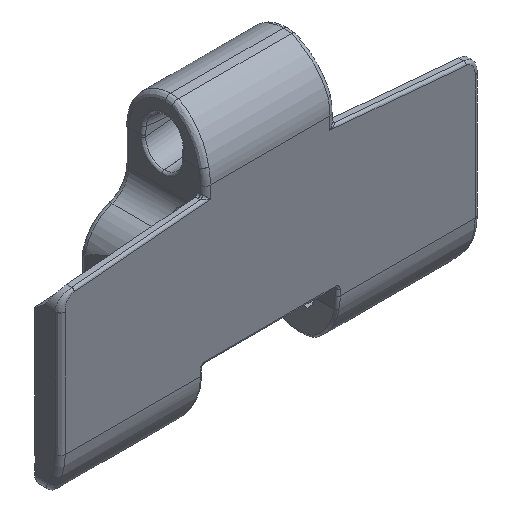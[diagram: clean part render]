
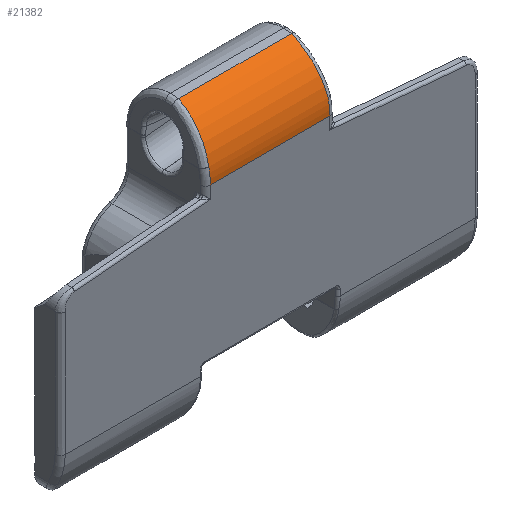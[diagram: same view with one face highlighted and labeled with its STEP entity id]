
A CAD part, isometric view. The second image highlights one B-rep face of the part: STEP entity #21382.
In plain terms, the highlighted cylindrical face has radius 12 mm (diameter 24 mm), a partial arc.
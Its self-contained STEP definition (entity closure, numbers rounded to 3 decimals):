
#3525=DIRECTION('',(1.,0.,0.));
#3526=VECTOR('',#3525,23.4);
#3527=CARTESIAN_POINT('',(-11.7,-8.5,15.55));
#3528=LINE('',#3527,#3526);
#3725=DIRECTION('',(1.,0.,0.));
#3726=VECTOR('',#3725,22.122);
#3727=CARTESIAN_POINT('',(-11.061,-1.593,
26.415));
#3728=LINE('',#3727,#3726);
#3729=CARTESIAN_POINT('',(11.061,-1.593,26.415));
#3730=CARTESIAN_POINT('',(11.072,-1.885,26.278));
#3731=CARTESIAN_POINT('',(11.096,-2.459,25.981));
#3732=CARTESIAN_POINT('',(11.137,-3.28,25.467));
#3733=CARTESIAN_POINT('',(11.184,-4.057,24.888));
#3734=CARTESIAN_POINT('',(11.235,-4.786,24.248));
#3735=CARTESIAN_POINT('',(11.291,-5.46,23.552));
#3736=CARTESIAN_POINT('',(11.351,-6.077,22.802));
#3737=CARTESIAN_POINT('',(11.415,-6.631,22.006));
#3738=CARTESIAN_POINT('',(11.482,-7.119,21.167));
#3739=CARTESIAN_POINT('',(11.552,-7.538,20.291));
#3740=CARTESIAN_POINT('',(11.625,-7.885,19.383));
#3741=CARTESIAN_POINT('',(11.675,-8.067,18.762));
#3742=CARTESIAN_POINT('',(11.7,-8.145,18.448));
#3744=CARTESIAN_POINT('',(11.7,3.5,15.55));
#3745=DIRECTION('',(1.,0.,0.));
#3746=DIRECTION('',(0.,-0.97,0.241));
#3747=AXIS2_PLACEMENT_3D('',#3744,#3745,#3746);
#3749=CARTESIAN_POINT('',(-11.7,3.5,15.55));
#3750=DIRECTION('',(1.,0.,0.));
#3751=DIRECTION('',(0.,-0.97,0.241));
#3752=AXIS2_PLACEMENT_3D('',#3749,#3750,#3751);
#3754=CARTESIAN_POINT('',(-11.061,-1.593,
26.415));
#3755=CARTESIAN_POINT('',(-11.072,-1.885,
26.278));
#3756=CARTESIAN_POINT('',(-11.096,-2.459,
25.981));
#3757=CARTESIAN_POINT('',(-11.137,-3.28,
25.467));
#3758=CARTESIAN_POINT('',(-11.184,-4.057,
24.888));
#3759=CARTESIAN_POINT('',(-11.235,-4.786,
24.248));
#3760=CARTESIAN_POINT('',(-11.291,-5.46,
23.552));
#3761=CARTESIAN_POINT('',(-11.351,-6.077,
22.802));
#3762=CARTESIAN_POINT('',(-11.415,-6.631,
22.006));
#3763=CARTESIAN_POINT('',(-11.482,-7.119,
21.167));
#3764=CARTESIAN_POINT('',(-11.552,-7.538,
20.291));
#3765=CARTESIAN_POINT('',(-11.625,-7.885,
19.383));
#3766=CARTESIAN_POINT('',(-11.675,-8.067,
18.762));
#3767=CARTESIAN_POINT('',(-11.7,-8.145,18.448));
#18020=CARTESIAN_POINT('',(11.7,-8.145,18.448));
#18021=CARTESIAN_POINT('',(11.7,-8.5,15.55));
#18022=VERTEX_POINT('',#18020);
#18023=VERTEX_POINT('',#18021);
#18026=VERTEX_POINT('',#3729);
#18099=CARTESIAN_POINT('',(-11.7,-8.145,18.448));
#18100=CARTESIAN_POINT('',(-11.7,-8.5,15.55));
#18101=VERTEX_POINT('',#18099);
#18102=VERTEX_POINT('',#18100);
#18105=VERTEX_POINT('',#3754);
#21364=CARTESIAN_POINT('',(0.,3.5,15.55));
#21365=DIRECTION('',(-1.,0.,0.));
#21366=DIRECTION('',(0.,0.,1.));
#21367=AXIS2_PLACEMENT_3D('',#21364,#21365,#21366);
#21368=CYLINDRICAL_SURFACE('',#21367,12.);
#21370=ORIENTED_EDGE('',*,*,#21369,.T.);
#21372=ORIENTED_EDGE('',*,*,#21371,.T.);
#21374=ORIENTED_EDGE('',*,*,#21373,.T.);
#21375=ORIENTED_EDGE('',*,*,#21334,.F.);
#21377=ORIENTED_EDGE('',*,*,#21376,.F.);
#21379=ORIENTED_EDGE('',*,*,#21378,.F.);
#21380=EDGE_LOOP('',(#21370,#21372,#21374,#21375,#21377,#21379));
#21381=FACE_OUTER_BOUND('',#21380,.F.);
#3743=B_SPLINE_CURVE_WITH_KNOTS('',3,(#3729,#3730,#3731,#3732,#3733,#3734,#3735,
#3736,#3737,#3738,#3739,#3740,#3741,#3742),.UNSPECIFIED.,.F.,.F.,(4,1,1,1,1,1,1,
1,1,1,1,4),(0.,0.091,0.182,0.273,
0.364,0.455,0.545,0.636,
0.727,0.818,0.909,1.),.UNSPECIFIED.);
#3748=CIRCLE('',#3747,12.);
#3753=CIRCLE('',#3752,12.);
#3768=B_SPLINE_CURVE_WITH_KNOTS('',3,(#3754,#3755,#3756,#3757,#3758,#3759,#3760,
#3761,#3762,#3763,#3764,#3765,#3766,#3767),.UNSPECIFIED.,.F.,.F.,(4,1,1,1,1,1,1,
1,1,1,1,4),(0.,0.091,0.182,0.273,
0.364,0.455,0.545,0.636,
0.727,0.818,0.909,1.),.UNSPECIFIED.);
#21334=EDGE_CURVE('',#18102,#18023,#3528,.T.);
#21369=EDGE_CURVE('',#18105,#18026,#3728,.T.);
#21371=EDGE_CURVE('',#18026,#18022,#3743,.T.);
#21373=EDGE_CURVE('',#18022,#18023,#3748,.T.);
#21376=EDGE_CURVE('',#18101,#18102,#3753,.T.);
#21378=EDGE_CURVE('',#18105,#18101,#3768,.T.);
#21382=ADVANCED_FACE('',(#21381),#21368,.T.);
══════════════════════════════
* AIM OF THE EXERCISE *
Copy out every line of the data above, taking care to leave the pictures out.

* COMPLETED EXERCISE *
[diagram: clean part render]
[diagram: same view with one face highlighted and labeled with its STEP entity id]
A CAD part, isometric view. The second image highlights one B-rep face of the part: STEP entity #21382.
In plain terms, the highlighted cylindrical face has radius 12 mm (diameter 24 mm), a partial arc.
Its self-contained STEP definition (entity closure, numbers rounded to 3 decimals):
#3525=DIRECTION('',(1.,0.,0.));
#3526=VECTOR('',#3525,23.4);
#3527=CARTESIAN_POINT('',(-11.7,-8.5,15.55));
#3528=LINE('',#3527,#3526);
#3725=DIRECTION('',(1.,0.,0.));
#3726=VECTOR('',#3725,22.122);
#3727=CARTESIAN_POINT('',(-11.061,-1.593,
26.415));
#3728=LINE('',#3727,#3726);
#3729=CARTESIAN_POINT('',(11.061,-1.593,26.415));
#3730=CARTESIAN_POINT('',(11.072,-1.885,26.278));
#3731=CARTESIAN_POINT('',(11.096,-2.459,25.981));
#3732=CARTESIAN_POINT('',(11.137,-3.28,25.467));
#3733=CARTESIAN_POINT('',(11.184,-4.057,24.888));
#3734=CARTESIAN_POINT('',(11.235,-4.786,24.248));
#3735=CARTESIAN_POINT('',(11.291,-5.46,23.552));
#3736=CARTESIAN_POINT('',(11.351,-6.077,22.802));
#3737=CARTESIAN_POINT('',(11.415,-6.631,22.006));
#3738=CARTESIAN_POINT('',(11.482,-7.119,21.167));
#3739=CARTESIAN_POINT('',(11.552,-7.538,20.291));
#3740=CARTESIAN_POINT('',(11.625,-7.885,19.383));
#3741=CARTESIAN_POINT('',(11.675,-8.067,18.762));
#3742=CARTESIAN_POINT('',(11.7,-8.145,18.448));
#3744=CARTESIAN_POINT('',(11.7,3.5,15.55));
#3745=DIRECTION('',(1.,0.,0.));
#3746=DIRECTION('',(0.,-0.97,0.241));
#3747=AXIS2_PLACEMENT_3D('',#3744,#3745,#3746);
#3749=CARTESIAN_POINT('',(-11.7,3.5,15.55));
#3750=DIRECTION('',(1.,0.,0.));
#3751=DIRECTION('',(0.,-0.97,0.241));
#3752=AXIS2_PLACEMENT_3D('',#3749,#3750,#3751);
#3754=CARTESIAN_POINT('',(-11.061,-1.593,
26.415));
#3755=CARTESIAN_POINT('',(-11.072,-1.885,
26.278));
#3756=CARTESIAN_POINT('',(-11.096,-2.459,
25.981));
#3757=CARTESIAN_POINT('',(-11.137,-3.28,
25.467));
#3758=CARTESIAN_POINT('',(-11.184,-4.057,
24.888));
#3759=CARTESIAN_POINT('',(-11.235,-4.786,
24.248));
#3760=CARTESIAN_POINT('',(-11.291,-5.46,
23.552));
#3761=CARTESIAN_POINT('',(-11.351,-6.077,
22.802));
#3762=CARTESIAN_POINT('',(-11.415,-6.631,
22.006));
#3763=CARTESIAN_POINT('',(-11.482,-7.119,
21.167));
#3764=CARTESIAN_POINT('',(-11.552,-7.538,
20.291));
#3765=CARTESIAN_POINT('',(-11.625,-7.885,
19.383));
#3766=CARTESIAN_POINT('',(-11.675,-8.067,
18.762));
#3767=CARTESIAN_POINT('',(-11.7,-8.145,18.448));
#18020=CARTESIAN_POINT('',(11.7,-8.145,18.448));
#18021=CARTESIAN_POINT('',(11.7,-8.5,15.55));
#18022=VERTEX_POINT('',#18020);
#18023=VERTEX_POINT('',#18021);
#18026=VERTEX_POINT('',#3729);
#18099=CARTESIAN_POINT('',(-11.7,-8.145,18.448));
#18100=CARTESIAN_POINT('',(-11.7,-8.5,15.55));
#18101=VERTEX_POINT('',#18099);
#18102=VERTEX_POINT('',#18100);
#18105=VERTEX_POINT('',#3754);
#21364=CARTESIAN_POINT('',(0.,3.5,15.55));
#21365=DIRECTION('',(-1.,0.,0.));
#21366=DIRECTION('',(0.,0.,1.));
#21367=AXIS2_PLACEMENT_3D('',#21364,#21365,#21366);
#21368=CYLINDRICAL_SURFACE('',#21367,12.);
#21370=ORIENTED_EDGE('',*,*,#21369,.T.);
#21372=ORIENTED_EDGE('',*,*,#21371,.T.);
#21374=ORIENTED_EDGE('',*,*,#21373,.T.);
#21375=ORIENTED_EDGE('',*,*,#21334,.F.);
#21377=ORIENTED_EDGE('',*,*,#21376,.F.);
#21379=ORIENTED_EDGE('',*,*,#21378,.F.);
#21380=EDGE_LOOP('',(#21370,#21372,#21374,#21375,#21377,#21379));
#21381=FACE_OUTER_BOUND('',#21380,.F.);
#3743=B_SPLINE_CURVE_WITH_KNOTS('',3,(#3729,#3730,#3731,#3732,#3733,#3734,#3735,
#3736,#3737,#3738,#3739,#3740,#3741,#3742),.UNSPECIFIED.,.F.,.F.,(4,1,1,1,1,1,1,
1,1,1,1,4),(0.,0.091,0.182,0.273,
0.364,0.455,0.545,0.636,
0.727,0.818,0.909,1.),.UNSPECIFIED.);
#3748=CIRCLE('',#3747,12.);
#3753=CIRCLE('',#3752,12.);
#3768=B_SPLINE_CURVE_WITH_KNOTS('',3,(#3754,#3755,#3756,#3757,#3758,#3759,#3760,
#3761,#3762,#3763,#3764,#3765,#3766,#3767),.UNSPECIFIED.,.F.,.F.,(4,1,1,1,1,1,1,
1,1,1,1,4),(0.,0.091,0.182,0.273,
0.364,0.455,0.545,0.636,
0.727,0.818,0.909,1.),.UNSPECIFIED.);
#21334=EDGE_CURVE('',#18102,#18023,#3528,.T.);
#21369=EDGE_CURVE('',#18105,#18026,#3728,.T.);
#21371=EDGE_CURVE('',#18026,#18022,#3743,.T.);
#21373=EDGE_CURVE('',#18022,#18023,#3748,.T.);
#21376=EDGE_CURVE('',#18101,#18102,#3753,.T.);
#21378=EDGE_CURVE('',#18105,#18101,#3768,.T.);
#21382=ADVANCED_FACE('',(#21381),#21368,.T.);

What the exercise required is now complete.